Objectives: This study examined whether difficulties in recognition observed in young children with ASD are limited to faces or whether they reflect a global impairment of recognizing novel stimuli, including those void of social information.
Methods: Fifteen toddlers with ASD (age:M=41.5m,SD=14) and fifteen typically developing (TD) controls (age:M=38.2m,SD=7) were included in this study. All children underwent cognitive and diagnostic testing to confirm appropriate group placement. Each child was tested in a Visual Paired Comparison (VPC) paradigm, an approach used for studying visual stimulus processing that assumes an individual will fixate longer on a novel stimulus than on a paired familiar stimulus. This novelty preference (NP) is operationalized as successful processing and recognition, and is calculated as the ratio of looking time at the novel stimulus to looking time at both the novel and familiar stimulus. Every child was shown twelve VPC trials split into two conditions: Objects and Faces. Each trial included a recognition and a familiarization phase. During familiarization, a photograph of either an object or face was presented on the screen. A gray screen then appeared for five seconds followed by the recognition phase where the familiar image was displayed next to a comparable, novel image. Visual responses were recorded using an eye tracker.
Results: Duration of looking at the stimulus during familiarization did not differ between groups. In the Objects condition, there was no significant difference in the NP between the ASD and TD groups, and both had a NP significantly above chance, suggesting that both groups successfully encoded and recognized the objects (ASD:M=.56(.11),t(14)=2.26,p<.05; TD:M=.58(.09),t(14)=3.56,p<.01). However in the Face condition, a significant difference emerged in the NP between groups (ASD:M=.52(.11); TD:M=.59(.07),p<.05). The TD group had a NP that was significantly above chance (t(14)=4.85,p<.001), while the ASD group showed no preference for the familiar or novel face (t(14)=.619).

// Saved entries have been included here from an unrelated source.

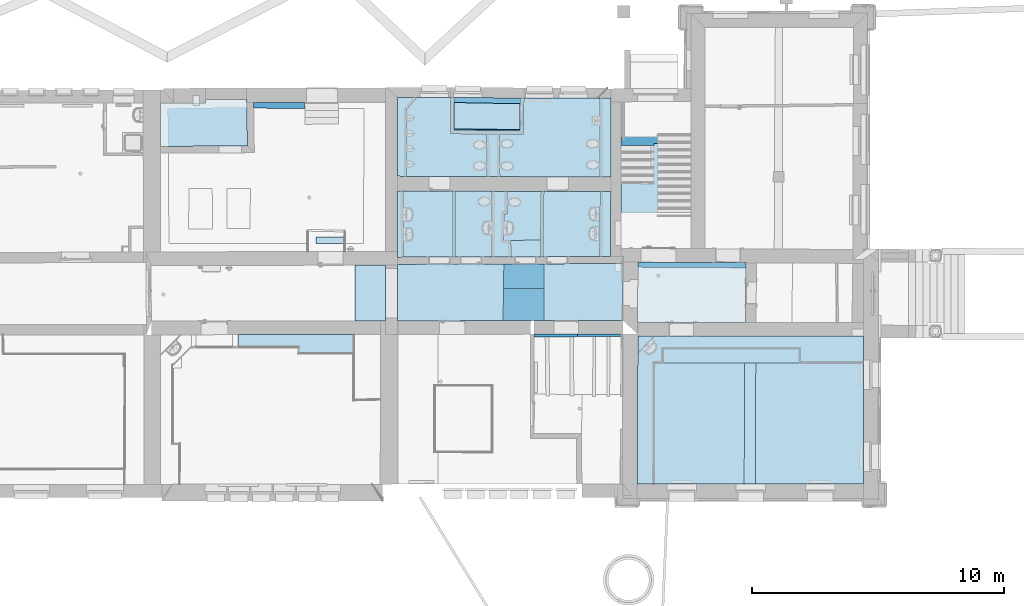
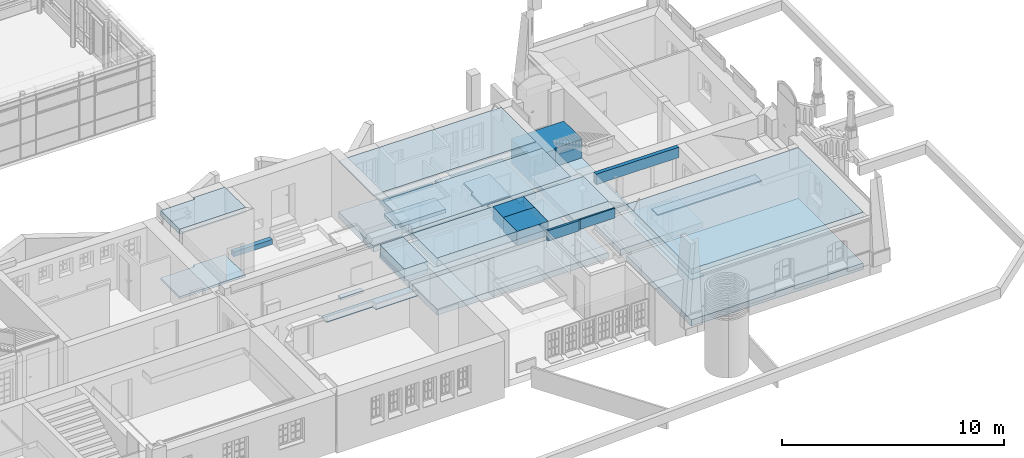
# One storey, part 13 of 196: 37 slabs.
"""IFC2X3 building model written with IfcOpenShell, lengths in metres."""

from ifc_helpers import new_model, entity, si_unit, converted_unit, derived_unit, money_unit, direction, frame, origin_with_axes, place, context, subcontext, project, spatial, polyline, outline, extrude, material, layer, layer_set, layer_usage, type_object, element, save


model = new_model("IFC2X3")

# Units and contexts
model_context = context("Model", 3, precision=1e-05, world=origin_with_axes(), true_north=direction((0.0, 1.0)))
body_context = subcontext(model_context, "Body", "Model", "MODEL_VIEW")
ifc_project = project(units=[si_unit("LENGTHUNIT", "METRE"), si_unit("AREAUNIT", "SQUARE_METRE"), si_unit("VOLUMEUNIT", "CUBIC_METRE"), converted_unit("PLANEANGLEUNIT", "DEGREE", entity("IfcPlaneAngleMeasure", 0.0174532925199), si_unit("PLANEANGLEUNIT", "RADIAN"), dimensions=[0, 0, 0, 0, 0, 0, 0]), money_unit("EUR"), converted_unit("TIMEUNIT", "Year", entity("IfcTimeMeasure", 31556926.0), si_unit("TIMEUNIT", "SECOND"), dimensions=[0, 0, 1, 0, 0, 0, 0]), si_unit("MASSUNIT", "GRAM", prefix="KILO"), si_unit("THERMODYNAMICTEMPERATUREUNIT", "DEGREE_CELSIUS"), si_unit("LUMINOUSINTENSITYUNIT", "LUMEN"), si_unit("ENERGYUNIT", "JOULE", prefix="MEGA"), derived_unit("THERMALCONDUCTANCEUNIT", [(si_unit("POWERUNIT", "WATT"), 1), (si_unit("LENGTHUNIT", "METRE"), -1), (si_unit("THERMODYNAMICTEMPERATUREUNIT", "KELVIN"), -1)]), derived_unit("SPECIFICHEATCAPACITYUNIT", [(si_unit("ENERGYUNIT", "JOULE"), 1), (si_unit("MASSUNIT", "GRAM", prefix="KILO"), -1), (si_unit("THERMODYNAMICTEMPERATUREUNIT", "KELVIN"), -1)]), derived_unit("MASSDENSITYUNIT", [(si_unit("MASSUNIT", "GRAM", prefix="KILO"), 1), (si_unit("VOLUMEUNIT", "CUBIC_METRE"), -1)])], contexts=[model_context])

# Site, building, storey
site_placement = place(None, origin_with_axes())
site = spatial("IfcSite", under=ifc_project, at=site_placement, Name="Gelände", CompositionType="ELEMENT")
building_placement = place(site_placement, origin_with_axes())
building = spatial("IfcBuilding", under=site, at=building_placement, Name="Gebäude", CompositionType="ELEMENT")
storey_placement = place(building_placement, frame((0.0, 0.0, -3.0), z_axis=(0.0, 0.0, 1.0), x_axis=(1.0, 0.0, 0.0)))
storey = spatial("IfcBuildingStorey", under=building, at=storey_placement, Name="KELLERGESCHOSS", CompositionType="ELEMENT", Elevation=-3.0)

# Slabs
ifc_material_1 = material(Name="01_ALLGEMEIN - BAUTEIL")
ifc_layer_1 = layer(ifc_material_1, 0.05, ventilated="UNKNOWN")
ifc_layer_set_1 = layer_set([ifc_layer_1], Name="01_ALLGEMEIN - BAUTEIL 0.05")
ifc_layer_usage_1 = layer_usage(ifc_layer_set_1, "AXIS3", "NEGATIVE", 0.05)
slab_type_1 = type_object("IfcSlabType", Name="01_ALLGEMEIN - BAUTEIL 50", PredefinedType="NOTDEFINED")
slab_1_placement = place(storey_placement, frame((15.2708428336, 25.6222415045, -0.14), z_axis=(0.0, 0.0, 1.0), x_axis=(1.0, 0.0, 0.0)))
element("IfcSlab", 1, at=slab_1_placement, inside=storey, type_object=slab_type_1, material=ifc_layer_usage_1, Name="Belag-005", PredefinedType="NOTDEFINED", context=body_context, shape_type="SweptSolid", body=[
    extrude(outline(polyline([(0.0, 0.0), (-0.00159687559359, -1.05285801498), (2.60614638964, -1.07878111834), (2.62291177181, -0.047416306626), (0.0, 0.0)])), frame((0.0, 0.0, -0.05), z_axis=(0.0, 0.0, 1.0), x_axis=(1.0, 0.0, 0.0)), (0.0, 0.0, 1.0), 0.05),
])
ifc_layer_usage_2 = layer_usage(ifc_layer_set_1, "AXIS3", "NEGATIVE", 0.05)
slab_2_placement = place(storey_placement, frame((6.68129350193, 16.4052183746, 2.10545783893), z_axis=(0.0, 0.0, 1.0), x_axis=(1.0, 0.0, 0.0)))
element("IfcSlab", 2, at=slab_2_placement, inside=storey, type_object=slab_type_1, material=ifc_layer_usage_2, Name="Belag-013", PredefinedType="NOTDEFINED", context=body_context, shape_type="SweptSolid", body=[
    extrude(outline(polyline([(0.0, 0.0), (-0.00127593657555, -0.511836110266), (2.39945247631, -0.508101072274), (2.39868127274, -0.762400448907), (4.59247818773, -0.756304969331), (4.59341028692, 0.00742721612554), (0.0, 0.0)])), origin_with_axes(), (0.0, 0.0, 1.0), 0.05),
])
ifc_layer_usage_3 = layer_usage(ifc_layer_set_1, "AXIS3", "NEGATIVE", 0.05)
slab_3_placement = place(storey_placement, frame((22.5605508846, 15.6626276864, 2.17), z_axis=(0.0, 0.0, 1.0), x_axis=(1.0, 0.0, 0.0)))
element("IfcSlab", 3, at=slab_3_placement, inside=storey, type_object=slab_type_1, material=ifc_layer_usage_3, Name="Belag-014", PredefinedType="NOTDEFINED", context=body_context, shape_type="SweptSolid", body=[
    extrude(outline(polyline([(0.0, 0.0), (-0.0219322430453, -5.19354771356), (0.651469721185, -5.19336654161), (0.663187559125, -0.387306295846), (1.0051730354, -0.387272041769), (1.00169651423, 0.183869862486), (6.42089456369, 0.182806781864), (6.41979334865, -0.386728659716), (8.95674513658, -0.386474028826), (8.95755987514, 0.68185910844), (0.674658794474, 0.691371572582), (0.0, 0.0)])), origin_with_axes(), (0.0, 0.0, 1.0), 0.05),
])
ifc_material_2 = material(Name="05_ALLGEMEIN - TRAGENDE BAUTEILE")
ifc_layer_2 = layer(ifc_material_2, 0.33, ventilated="UNKNOWN")
ifc_layer_set_2 = layer_set([ifc_layer_2], Name="05_ALLGEMEIN - TRAGENDE BAUTEILE 0.33")
ifc_layer_usage_4 = layer_usage(ifc_layer_set_2, "AXIS3", "NEGATIVE", 0.33)
slab_type_2 = type_object("IfcSlabType", Name="05_ALLGEMEIN - TRAGENDE BAUTEILE 330", PredefinedType="NOTDEFINED")
slab_4_placement = place(storey_placement, frame((21.8996310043, 23.9081781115, -0.03), z_axis=(0.0, 0.0, 1.0), x_axis=(1.0, 0.0, 0.0)))
element("IfcSlab", 4, at=slab_4_placement, inside=storey, type_object=slab_type_2, material=ifc_layer_usage_4, Name="Belag-005", PredefinedType="NOTDEFINED", context=body_context, shape_type="SweptSolid", body=[
    extrude(outline(polyline([(0.0, 0.0), (-0.00530884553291, -4.07007230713), (2.77224291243, -4.08495464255), (2.7728628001, 0.114467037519), (1.31011812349, 0.0911755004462), (1.30999898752, -0.000193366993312), (0.0, 0.0)])), frame((0.0, 0.0, -0.33), z_axis=(0.0, 0.0, 1.0), x_axis=(1.0, 0.0, 0.0)), (0.0, 0.0, 1.0), 0.33),
])
ifc_layer_3 = layer(ifc_material_2, 0.56, ventilated="UNKNOWN")
ifc_layer_set_3 = layer_set([ifc_layer_3], Name="05_ALLGEMEIN - TRAGENDE BAUTEILE 0.56")
ifc_layer_usage_5 = layer_usage(ifc_layer_set_3, "AXIS3", "NEGATIVE", 0.56)
slab_type_3 = type_object("IfcSlabType", Name="05_ALLGEMEIN - TRAGENDE BAUTEILE 560", PredefinedType="NOTDEFINED")
slab_5_placement = place(storey_placement, frame((18.439777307, 16.4242312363, 2.23), z_axis=(0.0, 0.0, 1.0), x_axis=(1.0, 0.0, 0.0)))
element("IfcSlab", 5, at=slab_5_placement, inside=storey, type_object=slab_type_3, material=ifc_layer_usage_5, Name="Belag-023", PredefinedType="NOTDEFINED", context=body_context, shape_type="SweptSolid", body=[
    extrude(outline(polyline([(0.0, 0.0), (-0.000240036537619, -0.114313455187), (1.62480078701, -0.119287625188), (1.62713216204, -0.0842869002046), (1.72065512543, -0.0842869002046), (1.71843840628, 0.00277864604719), (0.0, 0.0)])), origin_with_axes(), (0.0, 0.0, 1.0), 0.56),
])
ifc_layer_4 = layer(ifc_material_2, 0.35, ventilated="UNKNOWN")
ifc_layer_set_4 = layer_set([ifc_layer_4], Name="05_ALLGEMEIN - TRAGENDE BAUTEILE 0.35")
ifc_layer_usage_6 = layer_usage(ifc_layer_set_4, "AXIS3", "NEGATIVE", 0.35)
slab_type_4 = type_object("IfcSlabType", Name="05_ALLGEMEIN - TRAGENDE BAUTEILE 350", PredefinedType="NOTDEFINED")
slab_6_placement = place(storey_placement, frame((22.5634738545, 16.3547707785, -0.01), z_axis=(0.0, 0.0, 1.0), x_axis=(1.0, 0.0, 0.0)))
element("IfcSlab", 6, at=slab_6_placement, inside=storey, type_object=slab_type_4, material=ifc_layer_usage_6, Name="Belag-004", PredefinedType="NOTDEFINED", context=body_context, shape_type="SweptSolid", body=[
    extrude(outline(polyline([(0.0, 0.0), (-0.0248552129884, -5.8856908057), (8.95015791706, -5.88327562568), (8.9546369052, -0.0102839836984), (0.0, 0.0)])), frame((0.0, 0.0, -0.35), z_axis=(0.0, 0.0, 1.0), x_axis=(1.0, 0.0, 0.0)), (0.0, 0.0, 1.0), 0.35),
])
ifc_layer_5 = layer(ifc_material_2, 0.07, ventilated="UNKNOWN")
ifc_layer_set_5 = layer_set([ifc_layer_5], Name="05_ALLGEMEIN - TRAGENDE BAUTEILE 0.07")
ifc_layer_usage_7 = layer_usage(ifc_layer_set_5, "AXIS3", "NEGATIVE", 0.07)
slab_type_5 = type_object("IfcSlabType", Name="05_ALLGEMEIN - TRAGENDE BAUTEILE 70", PredefinedType="NOTDEFINED")
slab_7_placement = place(storey_placement, frame((13.0249391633, 22.6965808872, 2.72), z_axis=(0.0, 0.0, 1.0), x_axis=(1.0, 0.0, 0.0)))
element("IfcSlab", 7, at=slab_7_placement, inside=storey, type_object=slab_type_5, material=ifc_layer_usage_7, Name="Belag-009", PredefinedType="NOTDEFINED", context=body_context, shape_type="SweptSolid", body=[
    extrude(outline(polyline([(0.0, 0.0), (8.46306341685, -0.0355845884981), (8.46714899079, 3.09776186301), (0.420612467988, 3.12937426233), (-0.00265341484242, 3.13103714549), (-0.0024910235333, 2.93941493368), (0.0, 0.0)])), origin_with_axes(), (0.0, 0.0, 1.0), 0.07),
])
ifc_layer_6 = layer(ifc_material_2, 0.2, ventilated="UNKNOWN")
ifc_layer_set_6 = layer_set([ifc_layer_6], Name="05_ALLGEMEIN - TRAGENDE BAUTEILE 0.2")
ifc_layer_usage_8 = layer_usage(ifc_layer_set_6, "AXIS3", "NEGATIVE", 0.2)
slab_type_6 = type_object("IfcSlabType", Name="05_ALLGEMEIN - TRAGENDE BAUTEILE 200", PredefinedType="NOTDEFINED")
slab_8_placement = place(storey_placement, frame((15.2708428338, 25.6222415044, -0.8), z_axis=(0.0, 0.0, 1.0), x_axis=(1.0, 0.0, 0.0)))
element("IfcSlab", 8, at=slab_8_placement, inside=storey, type_object=slab_type_6, material=ifc_layer_usage_8, Name="Belag-005", PredefinedType="NOTDEFINED", context=body_context, shape_type="SweptSolid", body=[
    extrude(outline(polyline([(0.0, 0.0), (-0.00159687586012, -1.05285801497), (2.60614638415, -1.07878111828), (2.62291177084, -0.0474163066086), (0.0, 0.0)])), frame((0.0, 0.0, -0.2), z_axis=(0.0, 0.0, 1.0), x_axis=(1.0, 0.0, 0.0)), (0.0, 0.0, 1.0), 0.2),
])
ifc_layer_7 = layer(ifc_material_2, 0.27, ventilated="UNKNOWN")
ifc_layer_set_7 = layer_set([ifc_layer_7], Name="05_ALLGEMEIN - TRAGENDE BAUTEILE 0.27")
ifc_layer_usage_9 = layer_usage(ifc_layer_set_7, "AXIS3", "NEGATIVE", 0.27)
slab_type_7 = type_object("IfcSlabType", Name="05_ALLGEMEIN - TRAGENDE BAUTEILE 270", PredefinedType="NOTDEFINED")
slab_9_placement = place(storey_placement, frame((9.33833063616, 25.6274131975, 0.01), z_axis=(0.0, 0.0, 1.0), x_axis=(1.0, 0.0, 0.0)))
element("IfcSlab", 9, at=slab_9_placement, inside=storey, type_object=slab_type_7, material=ifc_layer_usage_9, Name="Belag-005", PredefinedType="NOTDEFINED", context=body_context, shape_type="SweptSolid", body=[
    extrude(outline(polyline([(0.0, 0.0), (-2.02849934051, -0.00338167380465), (-2.02528887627, -0.229797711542), (0.0002958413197, -0.237226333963), (0.0, 0.0)])), frame((0.0, 0.0, -0.27), z_axis=(0.0, 0.0, 1.0), x_axis=(1.0, 0.0, 0.0)), (0.0, 0.0, 1.0), 0.27),
])
ifc_layer_8 = layer(ifc_material_2, 0.86, ventilated="UNKNOWN")
ifc_layer_set_8 = layer_set([ifc_layer_8], Name="05_ALLGEMEIN - TRAGENDE BAUTEILE 0.86")
ifc_layer_usage_10 = layer_usage(ifc_layer_set_8, "AXIS3", "NEGATIVE", 0.86)
slab_type_8 = type_object("IfcSlabType", Name="05_ALLGEMEIN - TRAGENDE BAUTEILE 860", PredefinedType="NOTDEFINED")
slab_10_placement = place(storey_placement, frame((15.269245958, 24.5693834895, -0.14), z_axis=(0.0, 0.0, 1.0), x_axis=(1.0, 0.0, 0.0)))
element("IfcSlab", 10, at=slab_10_placement, inside=storey, type_object=slab_type_8, material=ifc_layer_usage_10, Name="Belag-005", PredefinedType="NOTDEFINED", context=body_context, shape_type="SweptSolid", body=[
    extrude(outline(polyline([(0.0, 0.0), (-7.40580913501e-05, -0.0488282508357), (2.60696203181, -0.073982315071), (2.60774326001, -0.0259231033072), (0.0, 0.0)])), frame((0.0, 0.0, -0.86), z_axis=(0.0, 0.0, 1.0), x_axis=(1.0, 0.0, 0.0)), (0.0, 0.0, 1.0), 0.86),
])
ifc_layer_usage_11 = layer_usage(ifc_layer_set_8, "AXIS3", "NEGATIVE", 0.86)
slab_11_placement = place(storey_placement, frame((15.2711409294, 25.818782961, -0.14), z_axis=(0.0, 0.0, 1.0), x_axis=(1.0, 0.0, 0.0)))
element("IfcSlab", 11, at=slab_11_placement, inside=storey, type_object=slab_type_8, material=ifc_layer_usage_11, Name="Belag-005", PredefinedType="NOTDEFINED", context=body_context, shape_type="SweptSolid", body=[
    extrude(outline(polyline([(0.0, 0.0), (-0.000298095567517, -0.196541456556), (2.62261367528, -0.243957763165), (2.62641160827, -0.0103183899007), (0.0, 0.0)])), frame((0.0, 0.0, -0.86), z_axis=(0.0, 0.0, 1.0), x_axis=(1.0, 0.0, 0.0)), (0.0, 0.0, 1.0), 0.86),
])
ifc_layer_9 = layer(ifc_material_2, 0.7, ventilated="UNKNOWN")
ifc_layer_set_9 = layer_set([ifc_layer_9], Name="05_ALLGEMEIN - TRAGENDE BAUTEILE 0.7")
ifc_layer_usage_12 = layer_usage(ifc_layer_set_9, "AXIS3", "NEGATIVE", 0.7)
slab_type_9 = type_object("IfcSlabType", Name="05_ALLGEMEIN - TRAGENDE BAUTEILE 700", PredefinedType="NOTDEFINED")
slab_12_placement = place(storey_placement, frame((17.2423939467, 19.2142646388, 2.09), z_axis=(0.0, 0.0, 1.0), x_axis=(1.0, 0.0, 0.0)))
element("IfcSlab", 12, at=slab_12_placement, inside=storey, type_object=slab_type_9, material=ifc_layer_usage_12, Name="Belag-025", PredefinedType="NOTDEFINED", context=body_context, shape_type="SweptSolid", body=[
    extrude(outline(polyline([(0.0, 0.0), (-0.0138465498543, -0.975148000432), (1.59727818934, -0.980277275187), (1.60194181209, 0.0054337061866), (0.0, 0.0)])), origin_with_axes(), (0.0, 0.0, 1.0), 0.7),
])
ifc_layer_10 = layer(ifc_material_2, 0.57, ventilated="UNKNOWN")
ifc_layer_set_10 = layer_set([ifc_layer_10], Name="05_ALLGEMEIN - TRAGENDE BAUTEILE 0.57")
ifc_layer_usage_13 = layer_usage(ifc_layer_set_10, "AXIS3", "NEGATIVE", 0.57)
slab_type_10 = type_object("IfcSlabType", Name="05_ALLGEMEIN - TRAGENDE BAUTEILE 570", PredefinedType="NOTDEFINED")
slab_13_placement = place(storey_placement, frame((22.5609478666, 19.0844111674, 2.22), z_axis=(0.0, 0.0, 1.0), x_axis=(1.0, 0.0, 0.0)))
element("IfcSlab", 13, at=slab_13_placement, inside=storey, type_object=slab_type_10, material=ifc_layer_usage_13, Name="Belag-011", PredefinedType="NOTDEFINED", context=body_context, shape_type="SweptSolid", body=[
    extrude(outline(polyline([(0.0, 0.0), (4.28864469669, -0.0244820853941), (4.28996801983, 0.177722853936), (0.000593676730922, 0.200705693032), (0.0, 0.0)])), origin_with_axes(), (0.0, 0.0, 1.0), 0.57),
])
ifc_layer_11 = layer(ifc_material_2, 0.34, ventilated="UNKNOWN")
ifc_layer_set_11 = layer_set([ifc_layer_11], Name="05_ALLGEMEIN - TRAGENDE BAUTEILE 0.34")
ifc_layer_usage_14 = layer_usage(ifc_layer_set_11, "AXIS3", "NEGATIVE", 0.34)
slab_type_11 = type_object("IfcSlabType", Name="05_ALLGEMEIN - TRAGENDE BAUTEILE 340", PredefinedType="NOTDEFINED")
slab_14_placement = place(storey_placement, frame((13.0224481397, 25.635995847, -0.02), z_axis=(0.0, 0.0, 1.0), x_axis=(1.0, 0.0, 0.0)))
element("IfcSlab", 14, at=slab_14_placement, inside=storey, type_object=slab_type_11, material=ifc_layer_usage_14, Name="Belag-005", PredefinedType="NOTDEFINED", context=body_context, shape_type="SweptSolid", body=[
    extrude(outline(polyline([(0.0, 0.0), (0.00249108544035, -2.93941493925), (8.465554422, -2.97499954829), (8.46964001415, 0.158346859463), (5.01340801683, 0.171925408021), (4.98986512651, -1.27637359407), (2.10122653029, -1.2485024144), (2.10339831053, 0.183357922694), (0.423103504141, 0.189959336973), (-0.000162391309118, 0.191622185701), (0.0, 0.0)])), frame((0.0, 0.0, -0.34), z_axis=(0.0, 0.0, 1.0), x_axis=(1.0, 0.0, 0.0)), (0.0, 0.0, 1.0), 0.34),
])
ifc_layer_usage_15 = layer_usage(ifc_layer_set_11, "AXIS3", "NEGATIVE", 0.34)
slab_15_placement = place(storey_placement, frame((13.0254306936, 22.1165736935, -0.02), z_axis=(0.0, 0.0, 1.0), x_axis=(1.0, 0.0, 0.0)))
element("IfcSlab", 15, at=slab_15_placement, inside=storey, type_object=slab_type_11, material=ifc_layer_usage_15, Name="Belag-005", PredefinedType="NOTDEFINED", context=body_context, shape_type="SweptSolid", body=[
    extrude(outline(polyline([(0.0, 0.0), (0.00223440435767, -2.63660356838), (8.458461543, -2.60792050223), (8.46181562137, -0.0355793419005), (0.0, 0.0)])), frame((0.0, 0.0, -0.34), z_axis=(0.0, 0.0, 1.0), x_axis=(1.0, 0.0, 0.0)), (0.0, 0.0, 1.0), 0.34),
])
ifc_layer_12 = layer(ifc_material_2, 0.16, ventilated="UNKNOWN")
ifc_layer_set_12 = layer_set([ifc_layer_12], Name="05_ALLGEMEIN - TRAGENDE BAUTEILE 0.16")
ifc_layer_usage_16 = layer_usage(ifc_layer_set_12, "AXIS3", "NEGATIVE", 0.16)
slab_type_12 = type_object("IfcSlabType", Name="05_ALLGEMEIN - TRAGENDE BAUTEILE 160", PredefinedType="NOTDEFINED")
slab_16_placement = place(storey_placement, frame((13.0254306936, 22.1165736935, 2.63), z_axis=(0.0, 0.0, 1.0), x_axis=(1.0, 0.0, 0.0)))
element("IfcSlab", 16, at=slab_16_placement, inside=storey, type_object=slab_type_12, material=ifc_layer_usage_16, Name="Belag-009", PredefinedType="NOTDEFINED", context=body_context, shape_type="SweptSolid", body=[
    extrude(outline(polyline([(0.0, 0.0), (0.00223440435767, -2.63660356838), (8.458461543, -2.60792050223), (8.46181562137, -0.0355793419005), (0.0, 0.0)])), origin_with_axes(), (0.0, 0.0, 1.0), 0.16),
])
ifc_layer_13 = layer(ifc_material_2, 0.48, ventilated="UNKNOWN")
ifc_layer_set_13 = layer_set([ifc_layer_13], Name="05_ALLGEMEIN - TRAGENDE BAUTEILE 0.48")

Conclusions: Results of the study indicate that in young children with ASD, visual recognition deficits in faces do not extend to objects. Both groups demonstrated a preference for the novel objects, implying that children with autism are not impaired in encoding and recognizing a complex but nonsocial stimulus. However when viewing faces, children with ASD showed no novelty preference, as compared to their TD peers who were able to recognize the familiar face. Although children with autism spend as much time looking at a face as TD children they are not encoding and processing in the same manner, which could have implications for development of social interaction skills.